* RECORDED DATA:
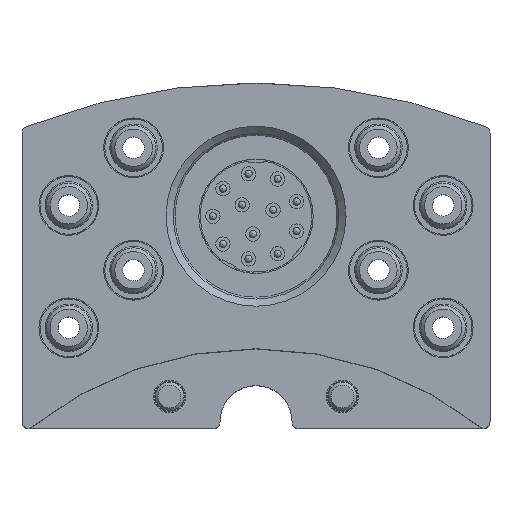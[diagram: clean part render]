
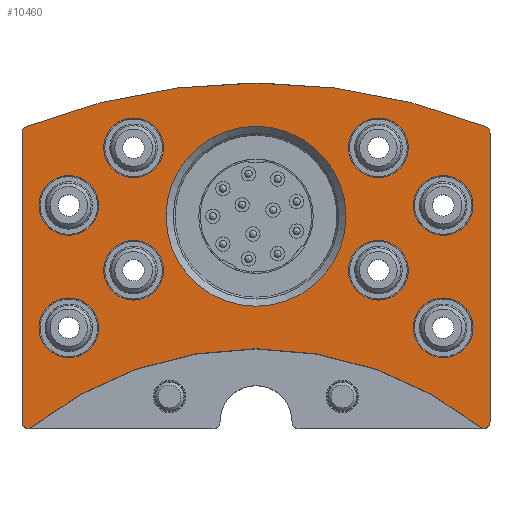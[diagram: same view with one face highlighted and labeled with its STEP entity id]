
A CAD part, top view. The second image highlights one B-rep face of the part: STEP entity #10460.
In plain terms, the highlighted planar face has unit normal (0, 0, 1).
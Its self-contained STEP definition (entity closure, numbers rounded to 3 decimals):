
#233=FACE_BOUND('',#1598,.T.);
#234=FACE_BOUND('',#1599,.T.);
#235=FACE_BOUND('',#1600,.T.);
#236=FACE_BOUND('',#1601,.T.);
#237=FACE_BOUND('',#1602,.T.);
#238=FACE_BOUND('',#1603,.T.);
#239=FACE_BOUND('',#1604,.T.);
#240=FACE_BOUND('',#1605,.T.);
#241=FACE_BOUND('',#1606,.T.);
#458=PLANE('',#11558);
#976=FACE_OUTER_BOUND('',#1597,.T.);
#1597=EDGE_LOOP('',(#8300,#8301,#8302,#8303,#8304,#8305,#8306,#8307,#8308,
#8309));
#1598=EDGE_LOOP('',(#8310,#8311));
#1599=EDGE_LOOP('',(#8312,#8313));
#1600=EDGE_LOOP('',(#8314,#8315));
#1601=EDGE_LOOP('',(#8316,#8317));
#1602=EDGE_LOOP('',(#8318,#8319));
#1603=EDGE_LOOP('',(#8320,#8321));
#1604=EDGE_LOOP('',(#8322,#8323));
#1605=EDGE_LOOP('',(#8324,#8325));
#1606=EDGE_LOOP('',(#8326));
#2371=CIRCLE('',#11554,1.);
#2372=CIRCLE('',#11556,87.);
#2374=CIRCLE('',#11559,1.);
#2375=CIRCLE('',#11560,50.1);
#2376=CIRCLE('',#11561,1.);
#2377=CIRCLE('',#11562,1.);
#2378=CIRCLE('',#11563,4.15);
#2379=CIRCLE('',#11564,4.15);
#2380=CIRCLE('',#11565,4.15);
#2381=CIRCLE('',#11566,4.15);
#2382=CIRCLE('',#11567,4.15);
#2383=CIRCLE('',#11568,4.15);
#2384=CIRCLE('',#11569,4.15);
#2385=CIRCLE('',#11570,4.15);
#2386=CIRCLE('',#11571,4.15);
#2387=CIRCLE('',#11572,4.15);
#2388=CIRCLE('',#11573,4.15);
#2389=CIRCLE('',#11574,4.15);
#2390=CIRCLE('',#11575,4.15);
#2391=CIRCLE('',#11576,4.15);
#2392=CIRCLE('',#11577,4.15);
#2393=CIRCLE('',#11578,4.15);
#2394=CIRCLE('',#11579,12.5);
#3128=LINE('',#19001,#3665);
#3129=LINE('',#19005,#3666);
#3130=LINE('',#19009,#3667);
#3131=LINE('',#19013,#3668);
#3665=VECTOR('',#14247,10.);
#3666=VECTOR('',#14250,10.);
#3667=VECTOR('',#14253,10.);
#3668=VECTOR('',#14256,10.);
#4477=VERTEX_POINT('',#18988);
#4478=VERTEX_POINT('',#18990);
#4479=VERTEX_POINT('',#18994);
#4481=VERTEX_POINT('',#19000);
#4482=VERTEX_POINT('',#19002);
#4483=VERTEX_POINT('',#19004);
#4484=VERTEX_POINT('',#19006);
#4485=VERTEX_POINT('',#19008);
#4486=VERTEX_POINT('',#19010);
#4487=VERTEX_POINT('',#19012);
#4488=VERTEX_POINT('',#19015);
#4489=VERTEX_POINT('',#19016);
#4490=VERTEX_POINT('',#19019);
#4491=VERTEX_POINT('',#19020);
#4492=VERTEX_POINT('',#19023);
#4493=VERTEX_POINT('',#19024);
#4494=VERTEX_POINT('',#19027);
#4495=VERTEX_POINT('',#19028);
#4496=VERTEX_POINT('',#19031);
#4497=VERTEX_POINT('',#19032);
#4498=VERTEX_POINT('',#19035);
#4499=VERTEX_POINT('',#19036);
#4500=VERTEX_POINT('',#19039);
#4501=VERTEX_POINT('',#19040);
#4502=VERTEX_POINT('',#19043);
#4503=VERTEX_POINT('',#19044);
#4504=VERTEX_POINT('',#19047);
#5837=EDGE_CURVE('',#4477,#4478,#2371,.T.);
#5839=EDGE_CURVE('',#4479,#4478,#2372,.T.);
#5842=EDGE_CURVE('',#4477,#4481,#3128,.T.);
#5843=EDGE_CURVE('',#4482,#4481,#2374,.T.);
#5844=EDGE_CURVE('',#4482,#4483,#3129,.T.);
#5845=EDGE_CURVE('',#4483,#4484,#2375,.T.);
#5846=EDGE_CURVE('',#4484,#4485,#3130,.T.);
#5847=EDGE_CURVE('',#4486,#4485,#2376,.T.);
#5848=EDGE_CURVE('',#4486,#4487,#3131,.T.);
#5849=EDGE_CURVE('',#4479,#4487,#2377,.T.);
#5850=EDGE_CURVE('',#4488,#4489,#2378,.T.);
#5851=EDGE_CURVE('',#4489,#4488,#2379,.T.);
#5852=EDGE_CURVE('',#4490,#4491,#2380,.T.);
#5853=EDGE_CURVE('',#4491,#4490,#2381,.T.);
#5854=EDGE_CURVE('',#4492,#4493,#2382,.T.);
#5855=EDGE_CURVE('',#4493,#4492,#2383,.T.);
#5856=EDGE_CURVE('',#4494,#4495,#2384,.T.);
#5857=EDGE_CURVE('',#4495,#4494,#2385,.T.);
#5858=EDGE_CURVE('',#4496,#4497,#2386,.T.);
#5859=EDGE_CURVE('',#4497,#4496,#2387,.T.);
#5860=EDGE_CURVE('',#4498,#4499,#2388,.T.);
#5861=EDGE_CURVE('',#4499,#4498,#2389,.T.);
#5862=EDGE_CURVE('',#4500,#4501,#2390,.T.);
#5863=EDGE_CURVE('',#4501,#4500,#2391,.T.);
#5864=EDGE_CURVE('',#4502,#4503,#2392,.T.);
#5865=EDGE_CURVE('',#4503,#4502,#2393,.T.);
#5866=EDGE_CURVE('',#4504,#4504,#2394,.T.);
#8300=ORIENTED_EDGE('',*,*,#5837,.F.);
#8301=ORIENTED_EDGE('',*,*,#5842,.T.);
#8302=ORIENTED_EDGE('',*,*,#5843,.F.);
#8303=ORIENTED_EDGE('',*,*,#5844,.T.);
#8304=ORIENTED_EDGE('',*,*,#5845,.T.);
#8305=ORIENTED_EDGE('',*,*,#5846,.T.);
#8306=ORIENTED_EDGE('',*,*,#5847,.F.);
#8307=ORIENTED_EDGE('',*,*,#5848,.T.);
#8308=ORIENTED_EDGE('',*,*,#5849,.F.);
#8309=ORIENTED_EDGE('',*,*,#5839,.T.);
#8310=ORIENTED_EDGE('',*,*,#5850,.T.);
#8311=ORIENTED_EDGE('',*,*,#5851,.T.);
#8312=ORIENTED_EDGE('',*,*,#5852,.T.);
#8313=ORIENTED_EDGE('',*,*,#5853,.T.);
#8314=ORIENTED_EDGE('',*,*,#5854,.T.);
#8315=ORIENTED_EDGE('',*,*,#5855,.T.);
#8316=ORIENTED_EDGE('',*,*,#5856,.T.);
#8317=ORIENTED_EDGE('',*,*,#5857,.T.);
#8318=ORIENTED_EDGE('',*,*,#5858,.T.);
#8319=ORIENTED_EDGE('',*,*,#5859,.T.);
#8320=ORIENTED_EDGE('',*,*,#5860,.T.);
#8321=ORIENTED_EDGE('',*,*,#5861,.T.);
#8322=ORIENTED_EDGE('',*,*,#5862,.T.);
#8323=ORIENTED_EDGE('',*,*,#5863,.T.);
#8324=ORIENTED_EDGE('',*,*,#5864,.T.);
#8325=ORIENTED_EDGE('',*,*,#5865,.T.);
#8326=ORIENTED_EDGE('',*,*,#5866,.F.);
#10460=ADVANCED_FACE('',(#976,#233,#234,#235,#236,#237,#238,#239,#240,#241),
#458,.T.);
#11554=AXIS2_PLACEMENT_3D('',#18991,#14235,#14236);
#11556=AXIS2_PLACEMENT_3D('',#18995,#14240,#14241);
#11558=AXIS2_PLACEMENT_3D('',#18999,#14245,#14246);
#11559=AXIS2_PLACEMENT_3D('',#19003,#14248,#14249);
#11560=AXIS2_PLACEMENT_3D('',#19007,#14251,#14252);
#11561=AXIS2_PLACEMENT_3D('',#19011,#14254,#14255);
#11562=AXIS2_PLACEMENT_3D('',#19014,#14257,#14258);
#11563=AXIS2_PLACEMENT_3D('',#19017,#14259,#14260);
#11564=AXIS2_PLACEMENT_3D('',#19018,#14261,#14262);
#11565=AXIS2_PLACEMENT_3D('',#19021,#14263,#14264);
#11566=AXIS2_PLACEMENT_3D('',#19022,#14265,#14266);
#11567=AXIS2_PLACEMENT_3D('',#19025,#14267,#14268);
#11568=AXIS2_PLACEMENT_3D('',#19026,#14269,#14270);
#11569=AXIS2_PLACEMENT_3D('',#19029,#14271,#14272);
#11570=AXIS2_PLACEMENT_3D('',#19030,#14273,#14274);
#11571=AXIS2_PLACEMENT_3D('',#19033,#14275,#14276);
#11572=AXIS2_PLACEMENT_3D('',#19034,#14277,#14278);
#11573=AXIS2_PLACEMENT_3D('',#19037,#14279,#14280);
#11574=AXIS2_PLACEMENT_3D('',#19038,#14281,#14282);
#11575=AXIS2_PLACEMENT_3D('',#19041,#14283,#14284);
#11576=AXIS2_PLACEMENT_3D('',#19042,#14285,#14286);
#11577=AXIS2_PLACEMENT_3D('',#19045,#14287,#14288);
#11578=AXIS2_PLACEMENT_3D('',#19046,#14289,#14290);
#11579=AXIS2_PLACEMENT_3D('',#19048,#14291,#14292);
#14235=DIRECTION('center_axis',(0.,0.,-1.));
#14236=DIRECTION('ref_axis',(-0.827,0.563,0.));
#14240=DIRECTION('center_axis',(0.,0.,1.));
#14241=DIRECTION('ref_axis',(0.374,0.928,0.));
#14245=DIRECTION('center_axis',(0.,0.,1.));
#14246=DIRECTION('ref_axis',(1.,0.,0.));
#14247=DIRECTION('',(0.,-1.,0.));
#14248=DIRECTION('center_axis',(0.,0.,-1.));
#14249=DIRECTION('ref_axis',(-0.707,-0.707,0.));
#14250=DIRECTION('',(1.,0.,0.));
#14251=DIRECTION('center_axis',(0.,0.,-1.));
#14252=DIRECTION('ref_axis',(-1.,0.,0.));
#14253=DIRECTION('',(1.,0.,0.));
#14254=DIRECTION('center_axis',(0.,0.,-1.));
#14255=DIRECTION('ref_axis',(0.707,-0.707,0.));
#14256=DIRECTION('',(0.,1.,0.));
#14257=DIRECTION('center_axis',(0.,0.,-1.));
#14258=DIRECTION('ref_axis',(0.827,0.563,0.));
#14259=DIRECTION('center_axis',(0.,0.,-1.));
#14260=DIRECTION('ref_axis',(1.,0.,0.));
#14261=DIRECTION('center_axis',(0.,0.,-1.));
#14262=DIRECTION('ref_axis',(1.,0.,0.));
#14263=DIRECTION('center_axis',(0.,0.,-1.));
#14264=DIRECTION('ref_axis',(1.,0.,0.));
#14265=DIRECTION('center_axis',(0.,0.,-1.));
#14266=DIRECTION('ref_axis',(1.,0.,0.));
#14267=DIRECTION('center_axis',(0.,0.,-1.));
#14268=DIRECTION('ref_axis',(1.,0.,0.));
#14269=DIRECTION('center_axis',(0.,0.,-1.));
#14270=DIRECTION('ref_axis',(1.,0.,0.));
#14271=DIRECTION('center_axis',(0.,0.,-1.));
#14272=DIRECTION('ref_axis',(1.,0.,0.));
#14273=DIRECTION('center_axis',(0.,0.,-1.));
#14274=DIRECTION('ref_axis',(1.,0.,0.));
#14275=DIRECTION('center_axis',(0.,0.,-1.));
#14276=DIRECTION('ref_axis',(1.,0.,0.));
#14277=DIRECTION('center_axis',(0.,0.,-1.));
#14278=DIRECTION('ref_axis',(1.,0.,0.));
#14279=DIRECTION('center_axis',(0.,0.,-1.));
#14280=DIRECTION('ref_axis',(1.,0.,0.));
#14281=DIRECTION('center_axis',(0.,0.,-1.));
#14282=DIRECTION('ref_axis',(1.,0.,0.));
#14283=DIRECTION('center_axis',(0.,0.,-1.));
#14284=DIRECTION('ref_axis',(1.,0.,0.));
#14285=DIRECTION('center_axis',(0.,0.,-1.));
#14286=DIRECTION('ref_axis',(1.,0.,0.));
#14287=DIRECTION('center_axis',(0.,0.,-1.));
#14288=DIRECTION('ref_axis',(1.,0.,0.));
#14289=DIRECTION('center_axis',(0.,0.,-1.));
#14290=DIRECTION('ref_axis',(1.,0.,0.));
#14291=DIRECTION('center_axis',(0.,0.,1.));
#14292=DIRECTION('ref_axis',(-1.,0.,0.));
#18988=CARTESIAN_POINT('',(-32.5,80.023,0.));
#18990=CARTESIAN_POINT('',(-31.866,80.954,0.));
#18991=CARTESIAN_POINT('Origin',(-31.5,80.023,0.));
#18994=CARTESIAN_POINT('',(31.866,80.954,0.));
#18995=CARTESIAN_POINT('Origin',(0.,0.,0.));
#18999=CARTESIAN_POINT('Origin',(0.,60.685,0.));
#19000=CARTESIAN_POINT('',(-32.5,40.,0.));
#19001=CARTESIAN_POINT('',(-32.5,80.702,0.));
#19002=CARTESIAN_POINT('',(-31.5,39.,0.));
#19003=CARTESIAN_POINT('Origin',(-31.5,40.,0.));
#19004=CARTESIAN_POINT('',(-31.449,39.,0.));
#19005=CARTESIAN_POINT('',(-32.5,39.,0.));
#19006=CARTESIAN_POINT('',(31.449,39.,0.));
#19007=CARTESIAN_POINT('Origin',(0.,0.,0.));
#19008=CARTESIAN_POINT('',(31.5,39.,0.));
#19009=CARTESIAN_POINT('',(5.,39.,0.));
#19010=CARTESIAN_POINT('',(32.5,40.,0.));
#19011=CARTESIAN_POINT('Origin',(31.5,40.,0.));
#19012=CARTESIAN_POINT('',(32.5,80.023,0.));
#19013=CARTESIAN_POINT('',(32.5,39.,0.));
#19014=CARTESIAN_POINT('Origin',(31.5,80.023,0.));
#19015=CARTESIAN_POINT('',(-21.85,70.,0.));
#19016=CARTESIAN_POINT('',(-30.15,70.,0.));
#19017=CARTESIAN_POINT('Origin',(-26.,70.,0.));
#19018=CARTESIAN_POINT('Origin',(-26.,70.,0.));
#19019=CARTESIAN_POINT('',(-21.85,53.,0.));
#19020=CARTESIAN_POINT('',(-30.15,53.,0.));
#19021=CARTESIAN_POINT('Origin',(-26.,53.,0.));
#19022=CARTESIAN_POINT('Origin',(-26.,53.,0.));
#19023=CARTESIAN_POINT('',(-12.85,61.,0.));
#19024=CARTESIAN_POINT('',(-21.15,61.,0.));
#19025=CARTESIAN_POINT('Origin',(-17.,61.,0.));
#19026=CARTESIAN_POINT('Origin',(-17.,61.,0.));
#19027=CARTESIAN_POINT('',(-12.85,78.,0.));
#19028=CARTESIAN_POINT('',(-21.15,78.,0.));
#19029=CARTESIAN_POINT('Origin',(-17.,78.,0.));
#19030=CARTESIAN_POINT('Origin',(-17.,78.,0.));
#19031=CARTESIAN_POINT('',(21.15,78.,0.));
#19032=CARTESIAN_POINT('',(12.85,78.,0.));
#19033=CARTESIAN_POINT('Origin',(17.,78.,0.));
#19034=CARTESIAN_POINT('Origin',(17.,78.,0.));
#19035=CARTESIAN_POINT('',(21.15,61.,0.));
#19036=CARTESIAN_POINT('',(12.85,61.,0.));
#19037=CARTESIAN_POINT('Origin',(17.,61.,0.));
#19038=CARTESIAN_POINT('Origin',(17.,61.,0.));
#19039=CARTESIAN_POINT('',(30.15,53.,0.));
#19040=CARTESIAN_POINT('',(21.85,53.,0.));
#19041=CARTESIAN_POINT('Origin',(26.,53.,0.));
#19042=CARTESIAN_POINT('Origin',(26.,53.,0.));
#19043=CARTESIAN_POINT('',(30.15,70.,0.));
#19044=CARTESIAN_POINT('',(21.85,70.,0.));
#19045=CARTESIAN_POINT('Origin',(26.,70.,0.));
#19046=CARTESIAN_POINT('Origin',(26.,70.,0.));
#19047=CARTESIAN_POINT('',(12.5,68.5,0.));
#19048=CARTESIAN_POINT('Origin',(0.,68.5,0.));

* EXERCISE OBJECTIVE: After finding the line that contains "#19017=CARTESIAN_POINT('Origin',(-26.,70.,0.));" in the records above, copy that line and each one after it exactly, through the final line.

* RESULT FOR THIS TASK:
#19017=CARTESIAN_POINT('Origin',(-26.,70.,0.));
#19018=CARTESIAN_POINT('Origin',(-26.,70.,0.));
#19019=CARTESIAN_POINT('',(-21.85,53.,0.));
#19020=CARTESIAN_POINT('',(-30.15,53.,0.));
#19021=CARTESIAN_POINT('Origin',(-26.,53.,0.));
#19022=CARTESIAN_POINT('Origin',(-26.,53.,0.));
#19023=CARTESIAN_POINT('',(-12.85,61.,0.));
#19024=CARTESIAN_POINT('',(-21.15,61.,0.));
#19025=CARTESIAN_POINT('Origin',(-17.,61.,0.));
#19026=CARTESIAN_POINT('Origin',(-17.,61.,0.));
#19027=CARTESIAN_POINT('',(-12.85,78.,0.));
#19028=CARTESIAN_POINT('',(-21.15,78.,0.));
#19029=CARTESIAN_POINT('Origin',(-17.,78.,0.));
#19030=CARTESIAN_POINT('Origin',(-17.,78.,0.));
#19031=CARTESIAN_POINT('',(21.15,78.,0.));
#19032=CARTESIAN_POINT('',(12.85,78.,0.));
#19033=CARTESIAN_POINT('Origin',(17.,78.,0.));
#19034=CARTESIAN_POINT('Origin',(17.,78.,0.));
#19035=CARTESIAN_POINT('',(21.15,61.,0.));
#19036=CARTESIAN_POINT('',(12.85,61.,0.));
#19037=CARTESIAN_POINT('Origin',(17.,61.,0.));
#19038=CARTESIAN_POINT('Origin',(17.,61.,0.));
#19039=CARTESIAN_POINT('',(30.15,53.,0.));
#19040=CARTESIAN_POINT('',(21.85,53.,0.));
#19041=CARTESIAN_POINT('Origin',(26.,53.,0.));
#19042=CARTESIAN_POINT('Origin',(26.,53.,0.));
#19043=CARTESIAN_POINT('',(30.15,70.,0.));
#19044=CARTESIAN_POINT('',(21.85,70.,0.));
#19045=CARTESIAN_POINT('Origin',(26.,70.,0.));
#19046=CARTESIAN_POINT('Origin',(26.,70.,0.));
#19047=CARTESIAN_POINT('',(12.5,68.5,0.));
#19048=CARTESIAN_POINT('Origin',(0.,68.5,0.));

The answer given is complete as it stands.